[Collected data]
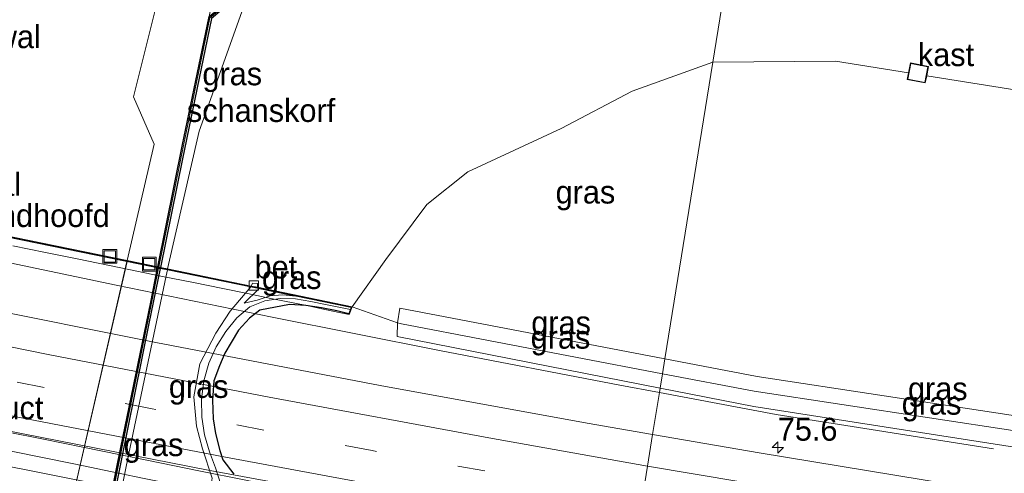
# Model space of a CAD drawing. Header units: millimetres. Extents: x 180000 to 190000, y 466229 to 468626.
# Tile 168 of 202: x 187081 to 187188, y 466747 to 466796. Entities that reach past the tile are written whole.
import ezdxf
from ezdxf.enums import TextEntityAlignment as Align

# ---------------------------------------------------------------- set-up
doc = ezdxf.new("R2010")
doc.units = ezdxf.units.MM
doc.linetypes.add('39strp', pattern=[12, 3, -9])
for name, color, linetype in [('-b5-', 10, 'Continuous'), ('-b6-', 10, 'Continuous'), ('kw-b6-ecoduct', 7, 'Continuous'), ('wb-b1-korf', 10, 'Continuous')]:
    doc.layers.add(name, color=color, linetype=linetype)
for name, color, linetype, lineweight in [('af-b1-rasterhekwerk', 8, 'hekwerk', 18), ('as-bs-kilometr', 13, 'Continuous', 18), ('bp-b5-grasland', 93, 'Continuous', 18), ('bp-b5-houtwal', 8, 'houtwal', 18), ('bp-b6-grasland', 93, 'Continuous', 18), ('gr-bs-geleiderail', 213, 'geleiderail', 18), ('gw-b1-kruinlijn', 93, 'Continuous', 18), ('gw-b1-teenlijn', 93, 'Continuous', 18), ('gw-bs-insteekwatergang', 93, 'Continuous', 18), ('gw-bs-kruinlijn', 93, 'Continuous', 18), ('gw-bs-teenlijn', 93, 'Continuous', 18), ('kd-bs-dakrand', 13, 'Continuous', 18), ('kw-b5-landhoofd', 173, 'Continuous', 18), ('kw-b5-pijler', 173, 'Continuous', 18), ('mk-bs-39streep 0.15', 8, '39strp', 18), ('mk-bs-streep 0.15', 8, 'Continuous', 18), ('og-b5-bebouwing', 173, 'Continuous', 18), ('og-b5-grond_nietingericht', 253, 'Continuous', 18), ('og-b6-grond_nietingericht', 253, 'Continuous', 18), ('og-bs-hulpgeometrie', 53, 'Continuous', 18), ('og-bs-inrichtingselement', 253, 'Continuous', 18), ('vh-b5-verh_soort', 8, 'Continuous', 18), ('wb-bs-korf', 43, 'Continuous', 18), ('wh-bs-greppel', 133, 'greppel', 18), ('wh-bs-kolk', 8, 'Continuous', 18)]:
    doc.layers.add(name, color=color, linetype=linetype, lineweight=lineweight)
doc.styles.add('rtw_iso', font='iso-rtw.shx')
doc.linetypes.add('geleiderail', pattern='A,2,-1,[175,RTW.shx,S=0.5,R=0,X=0,Y=0],-1', length=4)
doc.linetypes.add('greppel', pattern='A,25.5,-0.01,[14,RTW.shx,S=1,R=0,X=0,Y=0],1,[14,RTW.shx,S=1,R=0,X=0,Y=0],1,[14,RTW.shx,S=1,R=0,X=0,Y=0],1,[14,RTW.shx,S=1,R=0,X=0,Y=0],1,[14,RTW.shx,S=1,R=0,X=0,Y=0],0.5,-0.01', length=30.02)
doc.linetypes.add('hekwerk', pattern='A,7,-1.5,[1,RTW.shx,S=0.75,R=0,X=0,Y=0],-1.5', length=10)
doc.linetypes.add('houtwal', pattern='A,8,-1,[1,RTW.shx,S=0.75,R=45,X=0,Y=0],-1,8,-1,[4,RTW.shx,S=0.75,R=0,X=0,Y=0],-1', length=20)

# ---------------------------------------------------------------- blocks, each defined once
blk = doc.blocks.new('put')
for p, q in [((0.75, 0.75), (-0.75, 0.75)), ((-0.75, 0.75), (-0.75, -0.75)), ((0.75, -0.75), (0.75, 0.75)), ((-0.75, -0.75), (0.75, -0.75))]:
    blk.add_line(p, q)
blk.add_lwpolyline([(-0.625, 0.625), (0.625, 0.625), (0.625, -0.625), (-0.625, -0.625)], close=True)
blk = doc.blocks.new('kolk')
blk.add_lwpolyline([(-0.5, -0.5), (0.5, -0.5), (0.5, 0.5), (-0.5, 0.5)], close=True)
blk = doc.blocks.new('dtbattr-r')
at = {"style": 'rtw_iso'}
blk.add_attdef('TAG', text='', height=2.5, dxfattribs=at).set_placement((0, 0), align=Align.MIDDLE_CENTER)
blk = doc.blocks.new('d33az_ACAD_1_FMEBLOCK66')
at = {"layer": 'og-b5-grond_nietingericht'}
blk.add_polyline3d([(41.05, -26.38, 70.02), (34.95, -50.85, 69.49), (37.2, -56, 69.59), (34.27, -68.72, 69.56), (11.33, -64.02, 69.62)], dxfattribs=at)
blk = doc.blocks.new('d33az_ACAD_1_FMEBLOCK125')
at = {"layer": 'og-b6-grond_nietingericht'}
for points in [[(-7.13, 8.75, 69.64), (-5.6, 5.63, 69.76), (-4.25, 7.42, 69.69), (-5.71, 11.02, 69.66), (-5.44, 17.24, 69.66), (-4.53, 21.19, 69.68), (-3.45, 22.83, 69.62), (19.53, 18.13, 69.56), (13.58, -7.71, 69.5), (8.95, -22.05, 69.55), (8.28, -24.04, 69.6), (-19.53, -18.35, 69.58), (-18.3, -13.82, 69.49), (-13.17, 1.17, 69.54), (-11.78, 11.92, 69.51), (-10.75, 18.36, 69.51), (-9.37, 24.04, 69.55), (-5.44, 23.24, 69.56), (-7.68, 18.55, 69.62), (-8.09, 13.36, 69.62)], [(-13.95, -12.17, 69.56), (-13.24, -14.86, 69.65), (-9.59, -11.05, 69.68), (-8.89, -7.12, 69.74), (-8.71, -3.86, 69.61), (-6.27, 1.59, 69.63), (-7.3, 3.11, 69.61), (-10.07, -0.51, 69.59), (-10.96, -3.82, 69.65), (-10.68, -7.77, 69.6), (-12.06, -11.06, 69.62)]]:
    blk.add_polyline3d(points, close=True, dxfattribs=at)
blk = doc.blocks.new('dtbattr-l')
at = {"style": 'rtw_iso'}
blk.add_attdef('TAG', (0, 0), '', height=2.5, dxfattribs=at)
blk = doc.blocks.new('hecto')
for p, q in [((0, 0.625), (-0.625, 0)), ((0, -0.625), (0, 0.625)), ((-0.625, 0), (0.625, 0)), ((0.625, 0), (0, -0.625))]:
    blk.add_line(p, q)
blk = doc.blocks.new('dtbattr')
at = {"style": 'rtw_iso'}
blk.add_attdef('TAG', (0.59, 0.87), '', height=2.5, dxfattribs=at)

msp = doc.modelspace()

# ---------------------------------------------------------------- linework, layer by layer
at = {"layer": '-b5-'}
msp.add_polyline3d([(187098.39, 466781.16, 72.26), (187095.97, 466769.32, 72.28), (187095.69, 466769.37, 69.22), (187098.39, 466782.72, 69.22), (187101.3, 466796.7, 69.21), (187101.87, 466797.17, 70.67), (187103.61, 466798.6, 71.53), (187103.8, 466798.36, 71.57), (187101.55, 466796.48, 72.25)], close=True, dxfattribs=at)
at = {"layer": '-b6-'}
msp.add_polyline3d([(187087.41, 466727.52, 72.26), (187087.21, 466726.53, 72.26), (187086.98, 466726.58, 69.21), (187087.88, 466731.03, 69.19), (187091.67, 466749.68, 69.19), (187094.91, 466765.52, 69.22), (187095.67, 466769.27, 69.22), (187095.95, 466769.22, 72.28), (187094.72, 466763.2, 72.29), (187090.84, 466744.11, 72.24)], close=True, dxfattribs=at)
at = {"layer": 'af-b1-rasterhekwerk'}
msp.add_polyline3d([(187116.68, 466764.73, 59.74), (187115.61, 466764.94, 60.59), (187113.98, 466765.28, 61.7), (187112.36, 466765.62, 62.81), (187110.71, 466765.88, 63.92), (187109.04, 466765.92, 65.03), (187107.35, 466765.66, 66.06), (187105.71, 466765.01, 67.03), (187104.3, 466763.81, 67.78), (187103.09, 466762.33, 68.4), (187102.06, 466760.67, 68.85), (187101.26, 466758.86, 69.12), (187100.7, 466756.95, 69.24), (187100.46, 466754.96, 69.15), (187100.5, 466752.98, 68.85), (187100.79, 466751.05, 68.39), (187101.33, 466749.22, 67.78), (187101.97, 466747.45, 67.1), (187102.57, 466745.65, 66.46)], dxfattribs=at)
at = {"layer": 'bp-b5-grasland'}
for points in [[(187098.39, 466782.72, 69.22), (187095.69, 466769.37, 69.22), (187092.35, 466770.06, 69.56), (187095.28, 466782.78, 69.59), (187093.03, 466787.92, 69.49), (187099.13, 466812.4, 70.02), (187101.01, 466826.62, 70), (187107.28, 466833.52, 69.98), (187116.26, 466839.38, 70.15), (187128.08, 466845.36, 70.29), (187138.65, 466850.28, 70.88), (187138.98, 466847.82, 70.95), (187130.18, 466839.05, 70.51), (187113.99, 466828.77, 70.11), (187105.51, 466817.16, 70.05), (187105.48, 466817, 70.04), (187101.3, 466796.7, 69.21)], [(187120.53, 466770.19, 59.9), (187116.88, 466765.04, 59.63), (187106.56, 466767.15, 66.12), (187106.54, 466767.55, 66.15), (187106.01, 466767.6, 66.33), (187105.88, 466767.29, 66.32), (187096.76, 466769.15, 72.42), (187100.18, 466784.18, 72.49), (187104.83, 466797.2, 72.44), (187109.09, 466806.81, 72.64), (187108.25, 466807.62, 72.58), (187110.89, 466813.63, 72.56), (187115.69, 466820.51, 72.55), (187121.95, 466826.65, 72.53), (187135.3, 466835.95, 72.2), (187142.74, 466840.29, 71.78), (187156.67, 466841.93, 71.87), (187164.21, 466841.44, 71.84), (187162.22, 466829.12, 68.75), (187156.18, 466791.71, 61.11), (187147.39, 466788.53, 61.12), (187139.64, 466784.47, 60.84), (187129.5, 466779.73, 60.54), (187125.03, 466776.2, 60.45)], [(187100.18, 466784.18, 72.49), (187096.76, 466769.15, 72.42), (187095.97, 466769.32, 72.28), (187098.39, 466781.16, 72.26), (187101.55, 466796.48, 72.25), (187103.8, 466798.36, 71.57), (187103.61, 466798.6, 71.53), (187105.14, 466799.81, 72.4), (187104.83, 466797.2, 72.44)], [(187156.18, 466791.71, 61.11), (187150.96, 466759.36, 59.62), (187122.06, 466764.88, 59.67), (187121.8, 466763.28, 59.67), (187116.88, 466765.04, 59.63), (187120.53, 466770.19, 59.9), (187125.03, 466776.2, 60.45), (187129.5, 466779.73, 60.54), (187139.64, 466784.47, 60.84), (187147.39, 466788.53, 61.12)], [(187150.96, 466759.36, 59.62), (187150.7, 466757.73, 59.45), (187122.25, 466763.17, 59.58), (187121.8, 466763.28, 59.67), (187122.06, 466764.88, 59.67)], [(187150.7, 466757.73, 59.45), (187150.45, 466756.14, 59.59), (187121.78, 466761.79, 59.67), (187121.8, 466763.28, 59.67), (187122.25, 466763.17, 59.58)], [(187211.39, 466749.27, 59.84), (187211.3, 466748.83, 59.24), (187210.51, 466749.56, 59.04), (187189.36, 466751.46, 59.23), (187160.68, 466755.82, 59.4), (187150.7, 466757.73, 59.45), (187150.96, 466759.36, 59.62), (187161.03, 466757.44, 59.6), (187188.7, 466753.21, 59.51), (187210.7, 466751.23, 59.68), (187211.35, 466750.18, 59.84)], [(187211.19, 466748.31, 59.84), (187210.74, 466747.3, 59.59), (187189.09, 466749.72, 59.61), (187160.66, 466754.14, 59.56), (187150.45, 466756.14, 59.59), (187150.7, 466757.73, 59.45), (187160.68, 466755.82, 59.4), (187189.36, 466751.46, 59.23), (187210.51, 466749.56, 59.04), (187211.3, 466748.83, 59.24)]]:
    msp.add_polyline3d(points, close=True, dxfattribs=at)
for points in [[(187311.82, 466769.64, 61.71), (187278, 466775.19, 61.68), (187234.1, 466781.18, 61.45), (187209.15, 466785.36, 61.32), (187188.41, 466788.8, 61.17), (187179.5, 466790.23, 61.18), (187179.69, 466791.24, 61.21), (187177.73, 466791.62, 61.2), (187177.52, 466790.54, 61.19), (187169.57, 466791.82, 61.2), (187156.18, 466791.71, 61.11), (187162.22, 466829.12, 68.75), (187189.8, 466813.84, 66.92), (187208.06, 466809.16, 66.27), (187222.4, 466805.07, 65.64), (187238.97, 466801.37, 65.25), (187254.36, 466797.15, 64.82), (187266.96, 466794.8, 65.25), (187283.83, 466791.6, 65.6)], [(187188.7, 466753.21, 59.51), (187161.03, 466757.44, 59.6), (187150.96, 466759.36, 59.62), (187156.18, 466791.71, 61.11), (187169.57, 466791.82, 61.2), (187177.52, 466790.54, 61.19), (187177.39, 466789.82, 61.19), (187179.35, 466789.45, 61.2), (187179.5, 466790.23, 61.18), (187188.41, 466788.8, 61.17)], [(187079.87, 466771.69, 59.98), (187083.46, 466770.96, 59.9), (187086.9, 466770.24, 59.93), (187092.52, 466769.09, 59.93), (187096.03, 466768.38, 59.92), (187099.56, 466767.67, 59.91), (187102.78, 466767.01, 59.89), (187105.46, 466766.47, 59.9), (187107.99, 466765.94, 59.9), (187111.93, 466765.16, 59.82), (187113.55, 466764.81, 59.82), (187115.44, 466764.42, 59.82), (187116.53, 466764.19, 59.78), (187116.88, 466765.04, 59.63), (187121.8, 466763.28, 59.67), (187121.78, 466761.79, 59.67), (187150.45, 466756.14, 59.59), (187150.37, 466755.67, 60.41), (187149.63, 466751.1, 59.9), (187142.5, 466752.34, 59.9), (187119.91, 466756.44, 59.88), (187095.46, 466761.14, 59.89), (187075.12, 466765.22, 59.88)], [(187301.47, 466728.5, 60), (187277.23, 466731.77, 59.97), (187253.21, 466735, 59.97), (187228.93, 466738.44, 59.94), (187199.59, 466743.02, 59.91), (187185.08, 466745.16, 59.89), (187161.25, 466749.1, 59.89), (187149.63, 466751.1, 59.9), (187150.37, 466755.67, 60.41), (187150.45, 466756.14, 59.59), (187160.66, 466754.14, 59.56), (187189.09, 466749.72, 59.61), (187210.74, 466747.3, 59.59), (187211.19, 466748.31, 59.84), (187211.3, 466748.83, 59.24), (187215.62, 466748.31, 59.82), (187215.57, 466746.78, 59.86), (187215.85, 466746.33, 59.86), (187216.58, 466745.64, 59.85), (187217.86, 466745.3, 59.85), (187229.34, 466743.62, 59.85), (187263.86, 466738.68, 59.81), (187311.05, 466732.68, 59.87)], [(187078.79, 466751.6, 60.16), (187101.16, 466747.19, 60.14), (187127.56, 466742.32, 60.15), (187147.62, 466738.61, 60.16), (187147.34, 466736.91, 60.06), (187127.1, 466740.59, 60.03), (187110.84, 466743.52, 60.05), (187111.08, 466744.75, 60.21), (187111.12, 466744.92, 60.22), (187109.7, 466745.21, 60.2), (187108.05, 466745.54, 60.2), (187105.1, 466746.14, 60.19), (187100.34, 466747.11, 60.21), (187094.49, 466748.29, 60.22), (187091.61, 466748.88, 60.21), (187087.53, 466749.72, 60.21), (187083.23, 466750.58, 60.19), (187079.21, 466751.4, 60.19)]]:
    msp.add_polyline3d(points, dxfattribs=at)
at = {"layer": 'bp-b6-grasland'}
for points in [[(187087.88, 466731.03, 69.19), (187086.98, 466726.58, 69.21), (187081.07, 466727.79, 69.6), (187081.74, 466729.79, 69.55), (187086.38, 466744.12, 69.5), (187092.33, 466769.96, 69.56), (187095.67, 466769.27, 69.22), (187094.91, 466765.52, 69.22), (187091.67, 466749.68, 69.19)], [(187089.24, 466732.97, 72.44), (187087.94, 466726.38, 72.43), (187087.21, 466726.53, 72.26), (187087.41, 466727.52, 72.26), (187090.84, 466744.11, 72.24), (187094.72, 466763.2, 72.29), (187095.95, 466769.22, 72.28), (187096.74, 466769.06, 72.42), (187096.59, 466768.39, 72.42), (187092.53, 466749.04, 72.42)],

• Activity:
Filter the preceding entries down to the lines with "ezdxf".

• Result:
import ezdxf
from ezdxf.enums import TextEntityAlignment as Align
doc = ezdxf.new("R2010")
doc.units = ezdxf.units.MM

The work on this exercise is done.